* [Dataset content]

+ + + + + + +

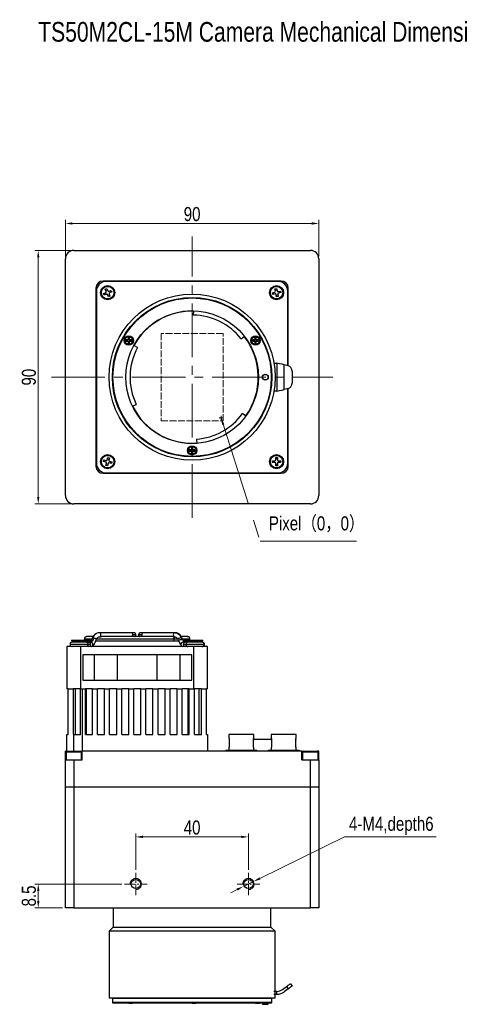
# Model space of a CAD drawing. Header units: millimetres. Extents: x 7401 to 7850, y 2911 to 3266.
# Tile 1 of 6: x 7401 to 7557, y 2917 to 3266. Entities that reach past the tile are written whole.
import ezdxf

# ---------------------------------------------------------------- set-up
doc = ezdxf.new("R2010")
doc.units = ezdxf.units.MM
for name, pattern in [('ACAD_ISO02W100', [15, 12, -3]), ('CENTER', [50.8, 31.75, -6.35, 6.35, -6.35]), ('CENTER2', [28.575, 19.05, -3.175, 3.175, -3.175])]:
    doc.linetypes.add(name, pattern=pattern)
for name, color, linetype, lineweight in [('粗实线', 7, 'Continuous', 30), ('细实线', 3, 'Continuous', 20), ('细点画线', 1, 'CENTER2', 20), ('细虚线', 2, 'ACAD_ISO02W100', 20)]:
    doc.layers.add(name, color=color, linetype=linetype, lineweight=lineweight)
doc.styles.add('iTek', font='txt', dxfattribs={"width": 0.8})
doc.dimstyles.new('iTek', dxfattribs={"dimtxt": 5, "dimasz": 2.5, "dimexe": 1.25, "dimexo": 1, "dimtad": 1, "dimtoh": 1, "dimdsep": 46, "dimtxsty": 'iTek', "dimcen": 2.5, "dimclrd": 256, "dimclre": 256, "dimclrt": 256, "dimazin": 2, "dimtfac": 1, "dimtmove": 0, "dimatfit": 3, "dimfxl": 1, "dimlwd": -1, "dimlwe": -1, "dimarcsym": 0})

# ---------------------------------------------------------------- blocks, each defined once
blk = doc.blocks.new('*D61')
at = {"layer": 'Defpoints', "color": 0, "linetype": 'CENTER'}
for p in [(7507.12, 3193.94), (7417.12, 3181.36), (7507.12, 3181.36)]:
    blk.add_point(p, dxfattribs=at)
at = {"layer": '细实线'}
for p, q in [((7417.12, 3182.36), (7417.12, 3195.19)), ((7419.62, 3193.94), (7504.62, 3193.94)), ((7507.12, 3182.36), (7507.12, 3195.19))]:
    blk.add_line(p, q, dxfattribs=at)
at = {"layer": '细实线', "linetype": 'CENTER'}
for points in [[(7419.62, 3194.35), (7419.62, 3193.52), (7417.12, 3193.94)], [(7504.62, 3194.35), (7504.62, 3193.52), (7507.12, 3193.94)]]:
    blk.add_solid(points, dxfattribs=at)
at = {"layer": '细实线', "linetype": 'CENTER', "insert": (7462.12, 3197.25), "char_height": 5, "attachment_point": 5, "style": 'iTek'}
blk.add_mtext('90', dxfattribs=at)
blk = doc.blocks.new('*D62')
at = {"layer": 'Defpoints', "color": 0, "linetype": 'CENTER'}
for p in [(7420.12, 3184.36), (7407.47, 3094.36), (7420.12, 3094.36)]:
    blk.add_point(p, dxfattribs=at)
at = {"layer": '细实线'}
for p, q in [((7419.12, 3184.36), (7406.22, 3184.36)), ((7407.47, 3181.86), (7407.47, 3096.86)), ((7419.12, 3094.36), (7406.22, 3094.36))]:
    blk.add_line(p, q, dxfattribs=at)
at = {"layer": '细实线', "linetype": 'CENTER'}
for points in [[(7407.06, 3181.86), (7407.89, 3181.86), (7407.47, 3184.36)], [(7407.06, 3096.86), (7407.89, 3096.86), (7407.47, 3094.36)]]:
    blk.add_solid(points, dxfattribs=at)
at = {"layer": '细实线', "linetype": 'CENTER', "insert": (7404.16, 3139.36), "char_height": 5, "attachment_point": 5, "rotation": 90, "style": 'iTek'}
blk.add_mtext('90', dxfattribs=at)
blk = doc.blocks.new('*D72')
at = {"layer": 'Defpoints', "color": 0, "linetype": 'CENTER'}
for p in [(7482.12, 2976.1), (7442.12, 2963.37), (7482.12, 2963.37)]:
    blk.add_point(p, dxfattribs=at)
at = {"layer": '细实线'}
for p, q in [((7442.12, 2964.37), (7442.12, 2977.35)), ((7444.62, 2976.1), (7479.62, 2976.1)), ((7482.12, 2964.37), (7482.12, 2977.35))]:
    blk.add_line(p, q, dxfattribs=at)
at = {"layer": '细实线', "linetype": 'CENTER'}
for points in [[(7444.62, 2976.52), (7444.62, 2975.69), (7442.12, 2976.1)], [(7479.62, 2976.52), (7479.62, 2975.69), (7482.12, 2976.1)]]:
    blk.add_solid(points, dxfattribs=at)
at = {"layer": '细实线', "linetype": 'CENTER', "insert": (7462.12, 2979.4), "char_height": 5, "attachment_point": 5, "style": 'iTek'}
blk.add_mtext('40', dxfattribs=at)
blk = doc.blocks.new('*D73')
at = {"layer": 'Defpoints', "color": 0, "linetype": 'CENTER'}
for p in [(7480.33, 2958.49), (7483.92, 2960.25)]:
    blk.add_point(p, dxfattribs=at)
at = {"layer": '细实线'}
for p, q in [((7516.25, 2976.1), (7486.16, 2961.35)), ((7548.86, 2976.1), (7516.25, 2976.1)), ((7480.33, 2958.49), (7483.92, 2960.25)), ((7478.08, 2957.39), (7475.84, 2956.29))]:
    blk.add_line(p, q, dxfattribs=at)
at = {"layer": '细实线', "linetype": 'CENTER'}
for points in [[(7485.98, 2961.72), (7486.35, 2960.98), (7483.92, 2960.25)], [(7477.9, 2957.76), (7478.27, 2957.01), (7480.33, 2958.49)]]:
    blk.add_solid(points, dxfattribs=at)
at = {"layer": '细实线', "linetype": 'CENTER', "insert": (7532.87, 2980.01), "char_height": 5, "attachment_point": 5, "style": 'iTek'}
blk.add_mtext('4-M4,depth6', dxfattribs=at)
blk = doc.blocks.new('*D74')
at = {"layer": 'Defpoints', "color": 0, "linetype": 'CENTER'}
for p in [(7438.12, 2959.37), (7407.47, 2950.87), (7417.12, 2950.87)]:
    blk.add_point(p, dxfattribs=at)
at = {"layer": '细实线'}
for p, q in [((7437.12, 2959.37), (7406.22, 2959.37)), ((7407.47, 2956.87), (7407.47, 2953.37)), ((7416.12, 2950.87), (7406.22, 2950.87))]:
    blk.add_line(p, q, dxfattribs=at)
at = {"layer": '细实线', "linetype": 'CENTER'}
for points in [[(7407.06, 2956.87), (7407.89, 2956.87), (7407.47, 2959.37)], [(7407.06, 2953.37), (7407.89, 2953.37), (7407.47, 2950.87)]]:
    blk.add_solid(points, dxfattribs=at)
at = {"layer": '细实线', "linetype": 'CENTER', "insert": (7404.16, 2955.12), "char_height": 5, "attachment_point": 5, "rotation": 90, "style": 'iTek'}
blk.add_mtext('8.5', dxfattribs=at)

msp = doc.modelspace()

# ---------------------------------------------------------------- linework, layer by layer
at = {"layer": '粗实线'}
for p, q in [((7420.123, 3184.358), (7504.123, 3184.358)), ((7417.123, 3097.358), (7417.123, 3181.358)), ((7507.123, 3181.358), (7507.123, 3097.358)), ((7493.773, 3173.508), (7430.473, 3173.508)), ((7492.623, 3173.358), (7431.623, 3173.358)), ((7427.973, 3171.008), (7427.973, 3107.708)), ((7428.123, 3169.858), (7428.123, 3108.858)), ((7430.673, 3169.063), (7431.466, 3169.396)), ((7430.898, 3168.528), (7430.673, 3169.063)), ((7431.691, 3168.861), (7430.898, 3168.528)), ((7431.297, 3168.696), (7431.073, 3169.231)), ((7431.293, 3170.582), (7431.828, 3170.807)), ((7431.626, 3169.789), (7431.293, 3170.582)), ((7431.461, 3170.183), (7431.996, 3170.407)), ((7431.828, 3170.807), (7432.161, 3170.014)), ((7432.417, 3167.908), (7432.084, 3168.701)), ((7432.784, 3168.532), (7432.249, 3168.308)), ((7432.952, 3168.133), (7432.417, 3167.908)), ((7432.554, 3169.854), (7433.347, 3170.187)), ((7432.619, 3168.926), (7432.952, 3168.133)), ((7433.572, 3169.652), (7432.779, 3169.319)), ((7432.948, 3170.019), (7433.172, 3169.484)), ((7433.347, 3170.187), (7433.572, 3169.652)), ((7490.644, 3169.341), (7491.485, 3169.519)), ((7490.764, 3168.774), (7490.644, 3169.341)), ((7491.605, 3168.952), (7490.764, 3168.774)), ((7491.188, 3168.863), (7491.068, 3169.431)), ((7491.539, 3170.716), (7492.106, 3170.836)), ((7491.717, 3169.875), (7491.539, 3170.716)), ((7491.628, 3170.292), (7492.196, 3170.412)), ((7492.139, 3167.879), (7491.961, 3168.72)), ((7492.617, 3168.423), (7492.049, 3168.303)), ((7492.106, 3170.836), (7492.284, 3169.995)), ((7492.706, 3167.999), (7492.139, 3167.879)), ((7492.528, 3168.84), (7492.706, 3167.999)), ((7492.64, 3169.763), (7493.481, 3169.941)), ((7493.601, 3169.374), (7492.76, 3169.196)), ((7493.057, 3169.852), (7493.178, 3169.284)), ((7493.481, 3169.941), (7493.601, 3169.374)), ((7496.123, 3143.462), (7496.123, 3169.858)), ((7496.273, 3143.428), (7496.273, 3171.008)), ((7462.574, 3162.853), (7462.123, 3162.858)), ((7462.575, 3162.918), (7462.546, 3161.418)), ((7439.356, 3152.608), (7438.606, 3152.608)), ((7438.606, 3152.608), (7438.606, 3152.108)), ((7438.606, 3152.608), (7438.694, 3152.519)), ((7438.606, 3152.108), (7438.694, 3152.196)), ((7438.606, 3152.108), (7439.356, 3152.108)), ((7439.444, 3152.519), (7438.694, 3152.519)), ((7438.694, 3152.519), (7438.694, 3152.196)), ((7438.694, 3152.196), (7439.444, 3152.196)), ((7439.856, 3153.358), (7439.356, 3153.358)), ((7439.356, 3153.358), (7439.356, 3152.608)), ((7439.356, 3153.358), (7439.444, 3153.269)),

+ + + + + + +

* [What the task asks] Search the entries for "pattern" and copy each matching line.

* [Exercise result]
for name, pattern in [('ACAD_ISO02W100', [15, 12, -3]), ('CENTER', [50.8, 31.75, -6.35, 6.35, -6.35]), ('CENTER2', [28.575, 19.05, -3.175, 3.175, -3.175])]:
    doc.linetypes.add(name, pattern=pattern)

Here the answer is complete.